Chen Liu
Nicholas Cauwenberghs
Ning Zhou- 1Department of Cardiology, The First Affiliated Hospital of Sun Yat-sen University, Guangzhou, China
- 2Research Unit of Hypertension and Cardiovascular Epidemiology, Department of Cardiovascular Sciences, Katholieke Universiteit (KU) Leuven, Leuven, Belgium
- 3Tongji Hospital, Tongji Medical College, Huazhong University of Science and Technology, Wuhan, China
Editorial on the Research Topic
Novel Risk Predicting System for Heart Failure
The prevalence of heart failure (HF) is a major public health problem, as its prevalence and high morbidity and mortality are increasing worldwide. To date, we are in need of biomarkers that improve the diagnosis and prognosis of HF. Within this context, this Research Topic called for research on novel HF risk factors as diagnostic and prognostic cues that may improve HF detection and prognosis. Ideally, a HF marker should reflect pathological perturbations that contribute to HF pathogenesis and progression, while enabling prediction, diagnosis, staging, prognosis or management of this condition. As represented in this Research Topic, HF biomarkers may include easily accessible clinical parameters as well as more advanced biomarkers involving (epi)genetics, imaging and blood biochemistry.
For instance, Li Y. et al. investigated the association between fluctuations in a basic clinical parameter (body weight) and the risk of adverse events in 1,691 patients with HF with preserved ejection fraction (HFpEF).

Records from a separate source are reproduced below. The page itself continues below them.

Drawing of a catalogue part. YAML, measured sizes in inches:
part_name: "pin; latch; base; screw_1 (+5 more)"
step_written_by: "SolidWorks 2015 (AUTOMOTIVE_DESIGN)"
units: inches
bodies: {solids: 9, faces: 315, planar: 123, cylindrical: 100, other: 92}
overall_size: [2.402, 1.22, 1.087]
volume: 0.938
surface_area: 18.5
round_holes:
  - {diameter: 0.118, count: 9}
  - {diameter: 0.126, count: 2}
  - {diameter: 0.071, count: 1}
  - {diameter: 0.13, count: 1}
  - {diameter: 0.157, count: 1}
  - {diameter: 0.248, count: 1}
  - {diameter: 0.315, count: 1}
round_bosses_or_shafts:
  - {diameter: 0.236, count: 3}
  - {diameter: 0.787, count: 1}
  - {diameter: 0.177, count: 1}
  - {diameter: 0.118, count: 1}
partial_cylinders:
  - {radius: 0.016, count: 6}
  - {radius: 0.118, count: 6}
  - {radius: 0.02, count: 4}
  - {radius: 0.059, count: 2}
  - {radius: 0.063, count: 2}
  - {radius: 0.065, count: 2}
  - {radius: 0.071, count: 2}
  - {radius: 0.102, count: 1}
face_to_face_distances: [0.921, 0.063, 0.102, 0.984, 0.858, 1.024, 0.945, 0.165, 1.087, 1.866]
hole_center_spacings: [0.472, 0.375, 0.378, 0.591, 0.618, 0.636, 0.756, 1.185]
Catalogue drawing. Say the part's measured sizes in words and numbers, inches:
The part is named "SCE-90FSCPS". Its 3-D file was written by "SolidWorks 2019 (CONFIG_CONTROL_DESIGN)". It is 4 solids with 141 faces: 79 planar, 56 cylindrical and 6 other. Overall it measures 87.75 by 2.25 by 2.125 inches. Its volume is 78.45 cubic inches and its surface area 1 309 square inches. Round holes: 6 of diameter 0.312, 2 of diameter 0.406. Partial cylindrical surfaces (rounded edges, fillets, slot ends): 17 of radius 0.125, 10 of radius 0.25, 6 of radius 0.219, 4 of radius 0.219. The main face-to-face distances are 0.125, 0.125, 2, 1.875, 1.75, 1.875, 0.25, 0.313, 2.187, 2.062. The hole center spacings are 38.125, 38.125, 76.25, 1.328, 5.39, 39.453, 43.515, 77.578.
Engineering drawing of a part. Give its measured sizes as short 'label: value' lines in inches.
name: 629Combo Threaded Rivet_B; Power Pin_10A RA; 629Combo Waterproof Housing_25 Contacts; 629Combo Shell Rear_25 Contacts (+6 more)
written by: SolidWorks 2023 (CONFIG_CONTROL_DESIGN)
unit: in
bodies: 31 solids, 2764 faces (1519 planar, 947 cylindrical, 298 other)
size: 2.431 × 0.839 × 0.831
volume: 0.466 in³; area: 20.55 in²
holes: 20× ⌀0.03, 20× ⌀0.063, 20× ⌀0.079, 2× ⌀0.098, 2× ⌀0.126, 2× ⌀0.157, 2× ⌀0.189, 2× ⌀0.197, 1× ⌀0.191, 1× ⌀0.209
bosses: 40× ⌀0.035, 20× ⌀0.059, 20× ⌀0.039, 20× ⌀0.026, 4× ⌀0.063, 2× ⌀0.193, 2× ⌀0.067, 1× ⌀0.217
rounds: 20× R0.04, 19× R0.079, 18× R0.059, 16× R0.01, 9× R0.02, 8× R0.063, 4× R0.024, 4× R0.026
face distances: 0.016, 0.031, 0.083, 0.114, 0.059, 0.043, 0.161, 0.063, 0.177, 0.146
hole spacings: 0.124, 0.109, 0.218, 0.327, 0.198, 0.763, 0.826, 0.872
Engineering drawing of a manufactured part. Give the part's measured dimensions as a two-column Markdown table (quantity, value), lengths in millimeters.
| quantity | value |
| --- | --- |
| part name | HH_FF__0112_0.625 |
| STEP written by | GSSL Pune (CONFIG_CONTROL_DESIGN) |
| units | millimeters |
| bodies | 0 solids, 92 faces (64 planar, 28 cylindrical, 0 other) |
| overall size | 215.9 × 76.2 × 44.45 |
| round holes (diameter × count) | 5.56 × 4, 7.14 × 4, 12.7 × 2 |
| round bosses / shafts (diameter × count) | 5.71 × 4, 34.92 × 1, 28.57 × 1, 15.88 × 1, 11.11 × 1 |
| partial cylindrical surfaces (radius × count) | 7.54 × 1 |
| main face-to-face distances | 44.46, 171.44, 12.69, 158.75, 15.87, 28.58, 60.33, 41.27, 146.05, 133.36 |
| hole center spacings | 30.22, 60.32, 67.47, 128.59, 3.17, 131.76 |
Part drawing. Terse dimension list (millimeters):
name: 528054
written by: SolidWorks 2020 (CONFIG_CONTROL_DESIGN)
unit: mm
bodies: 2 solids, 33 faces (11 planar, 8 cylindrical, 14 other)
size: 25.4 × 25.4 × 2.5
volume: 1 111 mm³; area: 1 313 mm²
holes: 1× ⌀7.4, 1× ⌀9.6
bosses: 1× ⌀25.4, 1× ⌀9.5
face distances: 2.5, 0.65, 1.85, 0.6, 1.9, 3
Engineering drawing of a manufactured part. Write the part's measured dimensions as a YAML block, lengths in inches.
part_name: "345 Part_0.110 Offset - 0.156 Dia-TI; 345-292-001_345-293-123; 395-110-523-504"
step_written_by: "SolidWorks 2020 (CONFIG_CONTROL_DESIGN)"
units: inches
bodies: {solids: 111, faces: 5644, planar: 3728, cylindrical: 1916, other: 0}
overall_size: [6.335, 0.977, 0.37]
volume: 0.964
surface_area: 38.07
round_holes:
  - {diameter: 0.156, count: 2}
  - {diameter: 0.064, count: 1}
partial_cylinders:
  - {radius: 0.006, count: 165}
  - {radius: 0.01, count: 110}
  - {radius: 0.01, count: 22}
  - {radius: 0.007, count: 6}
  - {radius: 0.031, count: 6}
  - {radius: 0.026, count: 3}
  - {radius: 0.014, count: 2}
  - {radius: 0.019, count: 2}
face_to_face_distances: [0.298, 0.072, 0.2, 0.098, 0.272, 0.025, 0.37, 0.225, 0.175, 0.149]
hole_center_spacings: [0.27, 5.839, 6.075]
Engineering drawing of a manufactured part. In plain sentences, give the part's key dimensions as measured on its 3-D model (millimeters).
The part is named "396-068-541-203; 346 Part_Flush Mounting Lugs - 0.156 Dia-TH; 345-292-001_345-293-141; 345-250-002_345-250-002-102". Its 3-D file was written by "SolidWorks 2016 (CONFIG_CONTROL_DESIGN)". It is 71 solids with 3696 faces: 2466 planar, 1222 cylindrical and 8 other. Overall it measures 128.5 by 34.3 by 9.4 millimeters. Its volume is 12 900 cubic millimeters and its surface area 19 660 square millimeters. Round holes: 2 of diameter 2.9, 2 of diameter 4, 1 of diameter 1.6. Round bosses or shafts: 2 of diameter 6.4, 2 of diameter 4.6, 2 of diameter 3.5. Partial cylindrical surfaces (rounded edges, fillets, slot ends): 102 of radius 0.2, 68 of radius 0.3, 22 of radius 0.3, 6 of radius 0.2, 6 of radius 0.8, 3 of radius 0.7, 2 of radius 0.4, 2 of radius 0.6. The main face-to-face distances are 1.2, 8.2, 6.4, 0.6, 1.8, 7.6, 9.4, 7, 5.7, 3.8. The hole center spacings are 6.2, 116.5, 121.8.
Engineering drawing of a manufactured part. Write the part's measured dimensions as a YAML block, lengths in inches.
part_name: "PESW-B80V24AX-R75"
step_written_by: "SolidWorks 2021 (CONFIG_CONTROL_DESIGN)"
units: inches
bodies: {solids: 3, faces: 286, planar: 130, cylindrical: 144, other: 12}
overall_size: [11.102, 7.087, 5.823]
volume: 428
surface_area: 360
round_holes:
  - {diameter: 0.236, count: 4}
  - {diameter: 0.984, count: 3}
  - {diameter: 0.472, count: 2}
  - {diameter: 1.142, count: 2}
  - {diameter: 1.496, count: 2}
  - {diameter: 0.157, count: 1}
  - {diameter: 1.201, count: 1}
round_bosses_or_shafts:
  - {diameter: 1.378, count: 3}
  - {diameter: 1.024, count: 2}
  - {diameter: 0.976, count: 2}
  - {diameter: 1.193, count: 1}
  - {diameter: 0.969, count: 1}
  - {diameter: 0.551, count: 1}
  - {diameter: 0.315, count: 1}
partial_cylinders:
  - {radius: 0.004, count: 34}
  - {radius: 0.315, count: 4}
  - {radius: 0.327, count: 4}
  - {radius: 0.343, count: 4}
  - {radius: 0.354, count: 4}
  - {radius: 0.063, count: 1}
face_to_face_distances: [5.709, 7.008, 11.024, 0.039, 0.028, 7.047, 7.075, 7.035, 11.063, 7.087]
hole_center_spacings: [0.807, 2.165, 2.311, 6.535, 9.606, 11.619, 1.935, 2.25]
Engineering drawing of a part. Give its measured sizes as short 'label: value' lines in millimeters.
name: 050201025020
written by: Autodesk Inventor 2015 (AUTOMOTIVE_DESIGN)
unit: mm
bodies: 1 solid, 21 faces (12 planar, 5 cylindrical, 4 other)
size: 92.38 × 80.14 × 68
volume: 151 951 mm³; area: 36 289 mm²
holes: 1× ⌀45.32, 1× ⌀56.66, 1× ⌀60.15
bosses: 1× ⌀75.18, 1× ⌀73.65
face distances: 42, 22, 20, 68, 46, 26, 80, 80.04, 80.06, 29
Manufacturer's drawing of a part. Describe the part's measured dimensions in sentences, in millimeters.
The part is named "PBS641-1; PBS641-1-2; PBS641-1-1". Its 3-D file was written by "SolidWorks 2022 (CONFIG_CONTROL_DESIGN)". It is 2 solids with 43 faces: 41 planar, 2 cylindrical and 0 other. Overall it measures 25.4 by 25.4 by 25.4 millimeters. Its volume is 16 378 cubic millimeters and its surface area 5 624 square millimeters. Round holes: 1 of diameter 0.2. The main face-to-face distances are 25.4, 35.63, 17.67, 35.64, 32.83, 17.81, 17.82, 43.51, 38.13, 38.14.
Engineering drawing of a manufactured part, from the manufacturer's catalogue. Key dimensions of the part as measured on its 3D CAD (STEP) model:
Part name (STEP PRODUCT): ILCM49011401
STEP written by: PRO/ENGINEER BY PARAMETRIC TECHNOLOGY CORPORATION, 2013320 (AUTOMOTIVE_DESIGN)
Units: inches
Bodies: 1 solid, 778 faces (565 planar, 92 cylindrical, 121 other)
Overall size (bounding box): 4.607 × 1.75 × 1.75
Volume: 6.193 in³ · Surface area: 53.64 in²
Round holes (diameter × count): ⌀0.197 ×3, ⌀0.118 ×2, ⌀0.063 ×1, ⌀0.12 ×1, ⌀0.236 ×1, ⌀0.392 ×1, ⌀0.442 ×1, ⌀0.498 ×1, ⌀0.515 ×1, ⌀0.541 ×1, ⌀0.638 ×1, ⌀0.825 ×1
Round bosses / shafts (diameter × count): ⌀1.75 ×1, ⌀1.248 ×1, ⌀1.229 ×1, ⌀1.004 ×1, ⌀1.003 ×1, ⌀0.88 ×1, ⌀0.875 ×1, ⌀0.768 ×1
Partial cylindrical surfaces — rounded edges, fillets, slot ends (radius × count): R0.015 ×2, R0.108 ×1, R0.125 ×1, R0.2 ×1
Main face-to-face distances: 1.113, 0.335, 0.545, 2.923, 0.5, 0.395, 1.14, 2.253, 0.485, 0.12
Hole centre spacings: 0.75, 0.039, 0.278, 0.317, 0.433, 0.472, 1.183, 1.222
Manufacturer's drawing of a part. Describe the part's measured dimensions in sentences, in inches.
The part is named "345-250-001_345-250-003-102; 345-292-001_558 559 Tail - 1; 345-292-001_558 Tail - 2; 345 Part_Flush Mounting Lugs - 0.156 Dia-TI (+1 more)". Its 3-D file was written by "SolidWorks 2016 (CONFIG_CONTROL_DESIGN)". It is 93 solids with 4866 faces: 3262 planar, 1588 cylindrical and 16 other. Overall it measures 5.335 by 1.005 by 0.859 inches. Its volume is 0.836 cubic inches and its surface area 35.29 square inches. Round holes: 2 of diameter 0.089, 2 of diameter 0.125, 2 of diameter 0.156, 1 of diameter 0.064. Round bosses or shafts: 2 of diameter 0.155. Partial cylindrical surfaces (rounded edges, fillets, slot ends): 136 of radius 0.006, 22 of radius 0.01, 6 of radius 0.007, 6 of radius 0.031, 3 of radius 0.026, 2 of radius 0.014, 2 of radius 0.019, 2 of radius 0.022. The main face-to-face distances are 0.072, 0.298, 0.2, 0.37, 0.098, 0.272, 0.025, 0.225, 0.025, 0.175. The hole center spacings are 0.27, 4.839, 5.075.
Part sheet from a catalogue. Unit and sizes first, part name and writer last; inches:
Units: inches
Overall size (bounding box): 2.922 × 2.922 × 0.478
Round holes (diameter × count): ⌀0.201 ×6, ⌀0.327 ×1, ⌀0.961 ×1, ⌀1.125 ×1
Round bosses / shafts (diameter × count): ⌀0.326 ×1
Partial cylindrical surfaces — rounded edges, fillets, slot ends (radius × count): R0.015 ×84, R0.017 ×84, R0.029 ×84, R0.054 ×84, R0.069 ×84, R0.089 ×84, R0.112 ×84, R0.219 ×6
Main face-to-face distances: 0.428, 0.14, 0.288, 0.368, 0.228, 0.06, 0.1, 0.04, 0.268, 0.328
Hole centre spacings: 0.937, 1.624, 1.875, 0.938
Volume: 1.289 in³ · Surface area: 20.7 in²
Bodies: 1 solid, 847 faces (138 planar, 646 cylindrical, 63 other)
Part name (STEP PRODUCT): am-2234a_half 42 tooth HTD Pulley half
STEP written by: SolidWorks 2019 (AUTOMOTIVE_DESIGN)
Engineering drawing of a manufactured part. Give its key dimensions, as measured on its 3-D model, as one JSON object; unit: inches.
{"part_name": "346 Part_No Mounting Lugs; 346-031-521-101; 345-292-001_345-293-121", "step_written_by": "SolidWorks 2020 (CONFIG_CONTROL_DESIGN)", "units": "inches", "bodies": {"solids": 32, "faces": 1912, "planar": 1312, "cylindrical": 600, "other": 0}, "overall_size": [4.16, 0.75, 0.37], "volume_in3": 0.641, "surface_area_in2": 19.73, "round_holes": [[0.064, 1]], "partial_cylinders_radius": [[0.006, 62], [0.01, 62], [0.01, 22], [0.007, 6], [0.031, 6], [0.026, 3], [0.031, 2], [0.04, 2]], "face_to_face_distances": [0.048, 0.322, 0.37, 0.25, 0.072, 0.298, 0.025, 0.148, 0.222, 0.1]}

In this TOPCAT cohort, higher body weight variability over time was associated with higher risk of future cardiovascular events independent of traditional risk factors and regardless of the direction of the weight change. As such, body weight monitoring may improve risk stratification in patients with HFpEF.
In search for genetic markers of HF, Li X. et al. conducted a Mendelian randomization study on inflammatory biomarkers in HF. They collected genome-wide association study data of 47,309 HF cases and 930,014 controls of European descent to identify genetic variants in inflammatory biomarkers such as C-reactive protein (CRP) and fibrinogen that may underlie HF. Overall, none of the SNPs for CRP, fibrinogen and components of the interleukin-1 and −6 signaling pathway were causally linked to HF risk. More studies are warranted to identify (epi)genetic markers associated with HF pathogenesis and progression.
Furthermore, this Research Topic includes three original research articles on the predictive value of imaging markers in a hospital setting. First, Yang et al. followed 156 patients with concomitant HF with reduced ejection fraction (HFrEF) and atrial fibrillation who underwent first-time catheter ablation. One year after ablation, left ventricular ejection fraction (LVEF) was improved in 72.3% of patients, which could only be predicted by E/e', an echocardiographic surrogate marker of LV filling pressure [ORadjusted 1.13 (1.03–1.24); Padjusted = 0.011]. E/e'≥15 provided optimal prediction with poor sensitivity (38.7%) but high specificity (89.2%). E/e' may thus complement current risk prediction approaches in HFrEF patients and atrial fibrillation undergoing catheter ablation.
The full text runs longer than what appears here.